VAG-COM= Volkswagen-Audi Group Computer


----------



## jmj (Feb 6, 2001)

*Re: What does VAG-COM stand for? (Ross06TouaregV8)*

It stands for "don't even think of messing with this f***ing software if you don't f***ing well know what you're doing"!

Roughly translated.
Any other questions?


----------



## Ross08TouaregV8 (Dec 14, 2005)

*Re: What does VAG-COM stand for? (jmj)*


_Quote, originally posted by *jmj* »_It stands for "don't even think of messing with this f***ing software if you don't f***ing well know what you're doing"!

Roughly translated.
Any other questions?









LOL







(airbags deployed) aw $h*t that wasn't the DRL's!


----------



## mml7 (Dec 3, 1999)

*Re: What does VAG-COM stand for? (Griffey222)*

In case you haven't figured it out already, VAG-COM is a diagnostic computer software and hardware package manufactured and sold by Ross-Tech


----------



## pfb2 (Apr 29, 2006)

*Re: What does VAG-COM stand for? (mml7)*


_Quote, originally posted by *mml7* »_In case you haven't figured it out already, VAG-COM is a diagnostic computer software and hardware package manufactured and sold by Ross-Tech

...that mimics much/most/all of the functionality that the dealer has with their diagnostic computers.
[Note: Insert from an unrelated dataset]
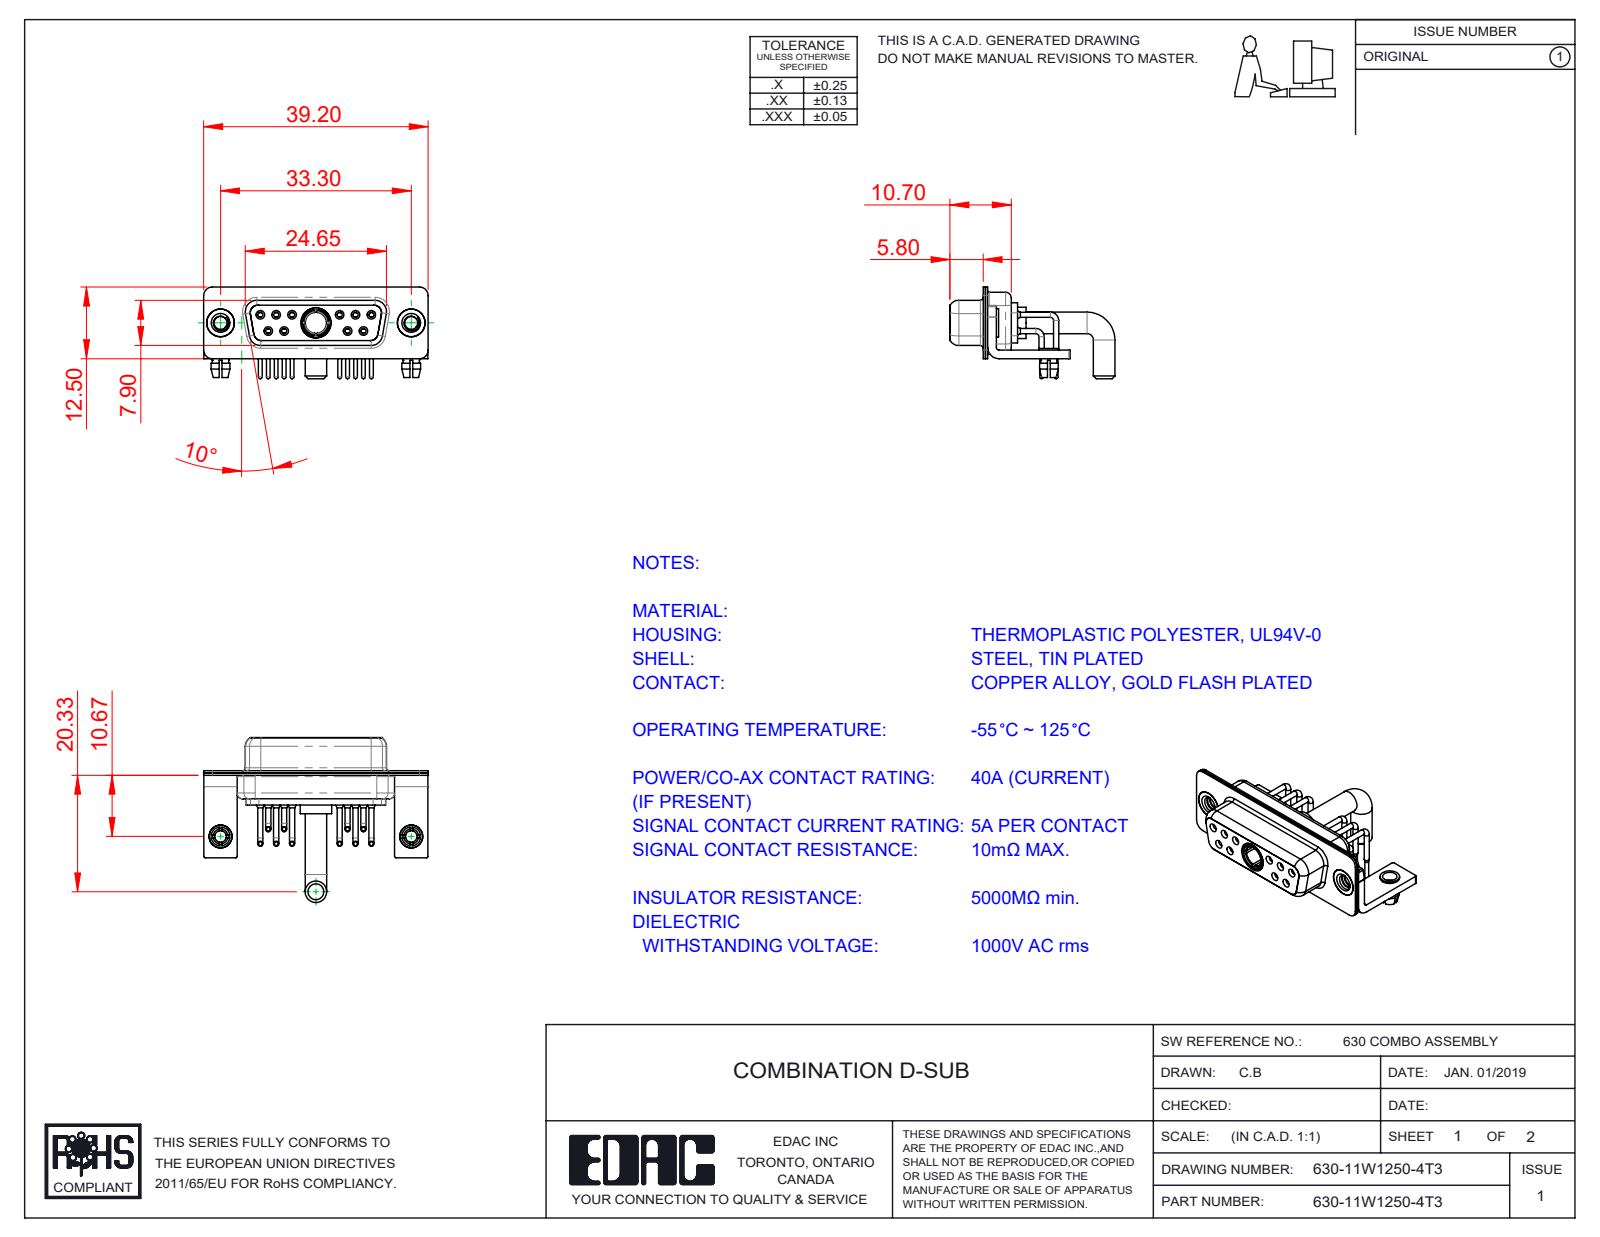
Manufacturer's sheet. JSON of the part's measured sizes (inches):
{"part_name": "630Combo Housing_11W1; 630Combo Board Lock; 630Combo Stabilizer Bracket; 630Combo Contact Row 2 (+6 more)", "step_written_by": "SolidWorks 2020 (CONFIG_CONTROL_DESIGN)", "units": "inches", "bodies": {"solids": 21, "faces": 1019, "planar": 314, "cylindrical": 442, "other": 263}, "overall_size": [1.543, 1.134, 0.63], "volume_in3": 0.189, "surface_area_in2": 11.16, "round_holes": [[0.079, 12], [0.035, 10], [0.043, 10], [0.059, 10], [0.067, 6], [0.063, 4], [0.191, 3], [0.089, 2], [0.098, 2], [0.126, 2], [0.157, 2], [0.159, 2]], "round_bosses_or_shafts": [[0.035, 10], [0.026, 10], [0.063, 6], [0.197, 2], [0.195, 2], [0.189, 2], [0.157, 2], [0.148, 2]], "partial_cylinders_radius": [[0.01, 16], [0.059, 16], [0.079, 13], [0.053, 12], [0.063, 8], [0.02, 5], [0.024, 4], [0.026, 4]], "face_to_face_distances": [0.016, 0.031, 0.018, 0.055, 0.333, 0.071, 0.059, 0.35, 0.244, 0.091], "hole_center_spacings": [0.124, 0.109, 0.545, 0.436, 0.654, 0.198, 0.198, 0.218]}

It can also be used to tweak certain settings on the various controllers in the car.


----------



## mercury26 (Aug 20, 2004)

*Re: What does VAG-COM stand for? (Ross06TouaregV8)*


_Quote, originally posted by *Ross06TouaregV8* »_VAG-COM= Volkswagen-Audi Group Computer


Actually VAG stands for Volkswagenwerk Aktiengesellschaft (a.k.a VOLKSWAGEN AG) not VW-Audi Group. I was once mistaken also.








Cheers,
:: Chuck


_Modified by djsaint at 9:49 PM 5-23-2006_


----------



## Evil TI (May 15, 2006)

Thank you all. You probably don't realize that you answered that question for about 287 other people as well. And I love the humor - it makes learning so much more fun.


----------



## 4x4s (Dec 18, 2003)

*Re: (Evil TI)*


_Quote, originally posted by *Evil TI* »_Thank you all. You probably don't realize that you answered that question *for about 287 *other people as well. And I love the humor - it makes learning so much more fun.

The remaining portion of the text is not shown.